A third possibility is to offset the interpretation by a half-LSB, which makes zero unrepresentable but is fully symmetric. I don't know of any standard that does this, but also don't see any reason why it wouldn't work ok in practice. Zero would presumably be represented by toggling the low bit at Nyquist, which would hardly cause a problem.

WarrenWeckesser commented 2 years ago

@endolith, thanks. It looks like what I implemented matches what you describe in your .md file. In the new implementation, when a floating point input is scaled, input values in the interval [-scale, scale] are mapped to the interval [min_int+1, max_int]. For sampwidth=1, that would be [1, 255] (with midpoint 128, as per an old Microsoft document about the RIFF/WAV file format), for sampwidth=2 that would be [-2**15+1, 2**15-1] (with midpoint 0), and sampwidth 3 and 4 follow the behavior of sampwidth=2.

The asymmetry is handled by allowing floating point values slightly less then -scale to be mapped to the minimum integer.
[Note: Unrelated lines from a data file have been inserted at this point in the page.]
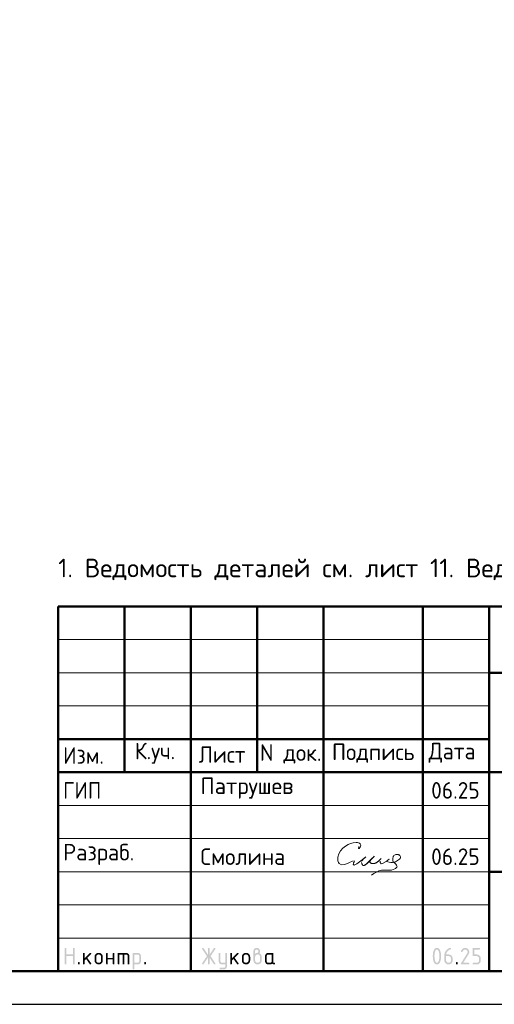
# Model space of a CAD drawing. Header units: millimetres. Extents: x 0 to 50400, y 0 to 35640.
# Tile 2 of 4: x 26904 to 35493, y 0 to 17820. Entities that reach past the tile are written whole.
import ezdxf

# ---------------------------------------------------------------- set-up
doc = ezdxf.new("R2010")
doc.units = ezdxf.units.MM
doc.layers.add('Standard', color=7, linetype='Continuous', lineweight=25)
doc.styles.add('ISOCPEUR', font='txt')

msp = doc.modelspace()

# ---------------------------------------------------------------- hatches: boundary and pattern name
at = {"layer": 'Standard', "linetype": 'Continuous', "lineweight": 25, "transparency": 33554687}
for points in [[(27719, 737), (27719, 1007), (27719, 1008), (27719, 1010), (27719, 1012), (27720, 1013), (27720, 1015), (27721, 1016), (27722, 1017), (27723, 1018), (27724, 1019), (27725, 1019), (27726, 1020), (27727, 1021), (27729, 1021), (27730, 1021), (27732, 1022), (27734, 1022), (27736, 1022), (27737, 1021), (27739, 1021), (27741, 1021), (27742, 1020), (27743, 1019), (27744, 1019), (27745, 1018), (27746, 1017), (27747, 1016), (27748, 1015), (27748, 1013), (27748, 1012), (27749, 1010), (27749, 1008), (27749, 1007), (27749, 902), (27869, 902), (27869, 1007), (27869, 1008), (27869, 1010), (27869, 1012), (27870, 1013), (27870, 1015), (27871, 1016), (27871, 1017), (27872, 1018), (27873, 1019), (27874, 1019), (27876, 1020), (27877, 1021), (27878, 1021), (27880, 1021), (27882, 1022), (27884, 1022), (27886, 1022), (27887, 1021), (27889, 1021), (27890, 1021), (27892, 1020), (27893, 1019), (27894, 1019), (27895, 1018), (27896, 1017), (27897, 1016), (27897, 1015), (27898, 1013), (27898, 1012), (27898, 1010), (27899, 1008), (27899, 1007), (27899, 737), (27899, 735), (27898, 733), (27898, 731), (27898, 730), (27897, 729), (27897, 727), (27896, 726), (27895, 725), (27894, 724), (27893, 724), (27892, 723), (27890, 722), (27889, 722), (27887, 722), (27886, 722), (27884, 722), (27882, 722), (27880, 722), (27878, 722), (27877, 722), (27876, 723), (27874, 724), (27873, 724), (27872, 725), (27871, 726), (27871, 727), (27870, 729), (27870, 730), (27869, 731), (27869, 733), (27869, 735), (27869, 737), (27869, 872), (27749, 872), (27749, 737), (27749, 735), (27749, 733), (27748, 731), (27748, 730), (27748, 729), (27747, 727), (27746, 726), (27745, 725), (27744, 724), (27743, 724), (27742, 723), (27741, 722), (27739, 722), (27737, 722), (27736, 722), (27734, 722), (27732, 722), (27730, 722), (27729, 722), (27727, 722), (27726, 723), (27725, 724), (27724, 724), (27723, 725), (27722, 726), (27721, 727), (27720, 729), (27720, 730), (27719, 731), (27719, 733), (27719, 735)], [(28079, 833), (28173, 927), (28174, 928), (28175, 929), (28177, 930), (28178, 930), (28179, 931), (28181, 931), (28182, 931), (28184, 931), (28186, 931), (28187, 931), (28189, 931), (28190, 930), (28192, 930), (28193, 929), (28194, 929), (28195, 928), (28196, 927), (28197, 926), (28197, 924), (28198, 923), (28198, 922), (28198, 920), (28199, 918), (28199, 916), (28199, 915), (28198, 914), (28198, 912), (28198, 911), (28197, 910), (28196, 908), (28195, 907), (28194, 906), (28128, 840), (28196, 745), (28197, 743), (28198, 741), (28199, 739), (28199, 736), (28199, 734), (28198, 733), (28198, 731), (28198, 730), (28197, 728), (28197, 727), (28196, 726), (28195, 725), (28194, 724), (28193, 724), (28192, 723), (28190, 722), (28189, 722), (28187, 722), (28186, 722), (28184, 722), (28182, 722), (28180, 722), (28178, 722), (28177, 723), (28175, 724), (28174, 725), (28172, 726), (28171, 728), (28107, 819), (28079, 791), (28079, 737), (28079, 735), (28078, 733), (28078, 731), (28078, 730), (28077, 729), (28077, 727), (28076, 726), (28075, 725), (28074, 724), (28073, 724), (28072, 723), (28070, 722), (28069, 722), (28067, 722), (28066, 722), (28064, 722), (28062, 722), (28060, 722), (28059, 722), (28057, 722), (28056, 723), (28055, 724), (28053, 724), (28052, 725), (28051, 726), (28051, 727), (28050, 729), (28050, 730), (28049, 731), (28049, 733), (28049, 735), (28049, 737), (28049, 916), (28049, 918), (28049, 920), (28049, 922), (28050, 923), (28050, 924), (28051, 926), (28051, 927), (28052, 928), (28053, 929), (28055, 929), (28056, 930), (28057, 930), (28059, 931), (28060, 931), (28062, 931), (28064, 931), (28066, 931), (28067, 931), (28069, 931), (28070, 930), (28072, 930), (28073, 929), (28074, 929), (28075, 928), (28076, 927), (28077, 926), (28077, 924), (28078, 923), (28078, 922), (28078, 920), (28079, 918), (28079, 916)], [(28498, 811), (28498, 737), (28498, 735), (28498, 733), (28498, 731), (28497, 730), (28497, 729), (28496, 727), (28496, 726), (28495, 725), (28494, 724), (28493, 724), (28491, 723), (28490, 722), (28489, 722), (28487, 722), (28485, 722), (28483, 722), (28481, 722), (28480, 722), (28478, 722), (28477, 722), (28475, 723), (28474, 724), (28473, 724), (28472, 725), (28471, 726), (28470, 727), (28470, 729), (28469, 730), (28469, 731), (28469, 733), (28468, 735), (28468, 737), (28468, 916), (28468, 918), (28469, 920), (28469, 922), (28469, 923), (28470, 924), (28470, 926), (28471, 927), (28472, 928), (28473, 929), (28474, 929), (28475, 930), (28477, 930), (28478, 931), (28480, 931), (28481, 931), (28483, 931), (28485, 931), (28487, 931), (28489, 931), (28490, 930), (28491, 930), (28493, 929), (28494, 929), (28495, 928), (28496, 927), (28496, 926), (28497, 924), (28497, 923), (28498, 922), (28498, 920), (28498, 918), (28498, 916), (28498, 841), (28588, 841), (28588, 916), (28588, 918), (28588, 920), (28588, 922), (28589, 923), (28589, 924), (28590, 926), (28591, 927), (28592, 928), (28593, 929), (28594, 929), (28595, 930), (28596, 930), (28598, 931), (28600, 931), (28601, 931), (28603, 931), (28605, 931), (28607, 931), (28608, 931), (28610, 930), (28611, 930), (28612, 929), (28613, 929), (28614, 928), (28615, 927), (28616, 926), (28617, 924), (28617, 923), (28618, 922), (28618, 920), (28618, 918), (28618, 916), (28618, 737), (28618, 735), (28618, 733), (28618, 731), (28617, 730), (28617, 729), (28616, 727), (28615, 726), (28614, 725), (28613, 724), (28612, 724), (28611, 723), (28610, 722), (28608, 722), (28607, 722), (28605, 722), (28603, 722), (28601, 722), (28600, 722), (28598, 722), (28596, 722), (28595, 723), (28594, 724), (28593, 724), (28592, 725), (28591, 726), (28590, 727), (28589, 729), (28589, 730), (28588, 731), (28588, 733), (28588, 735), (28588, 737), (28588, 811)], [(28693, 931), (28828, 931), (28831, 931), (28834, 931), (28837, 931), (28840, 930), (28843, 930), (28846, 929), (28849, 928), (28851, 927), (28854, 926), (28856, 925), (28859, 923), (28861, 922), (28864, 920), (28866, 918), (28868, 916), (28871, 914), (28873, 912), (28875, 909), (28877, 907), (28878, 905), (28880, 902), (28881, 900), (28883, 897), (28884, 895), (28885, 892), (28886, 889), (28886, 886), (28887, 883), (28887, 881), (28888, 878), (28888, 875), (28888, 871), (28888, 737), (28888, 735), (28888, 733), (28888, 731), (28887, 730), (28887, 729), (28886, 727), (28885, 726), (28884, 725), (28883, 724), (28882, 724), (28881, 723), (28880, 722), (28878, 722), (28877, 722), (28875, 722), (28873, 722), (28871, 722), (28869, 722), (28868, 722), (28866, 722), (28865, 723), (28864, 724), (28863, 724), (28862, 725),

This means, for a given scale, the actual acceptable floating point range is [-(1 + 1/c)*scale, scale], where c = 2**(8*sampwidth - 1) - 0.5. Floating point values outside that range result in clipping.

For example, in the following, the value -1.005 is mapped to 0 in the 8 bit WAV file.

In [32]: x = np.array([-1.005, -1, -0.9925, -0.5, 0, 0.5, 0.9925, 1])

In [33]: wavio.write('foo.wav', x, rate=1, scale=1, sampwidth=1)

In [34]: wavio.read('foo.wav').data
Out[34]: 
array([[  0],
       [  1],
       [  1],
       [ 64],
       [128],
       [192],
       [255],
       [255]], dtype=uint8)

I don't know if it is worthwhile adding an option to disable this "feature".

WarrenWeckesser commented 1 year ago

I pushed a new release to PyPI, 0.0.6. (There is also a 0.0.5. It was promptly followed by 0.0.6 because I forgot to update README.rst before releasing 0.0.5.)

If anyone requires the old behavior of write(), they can pin their dependency on wavio to version 0.0.4.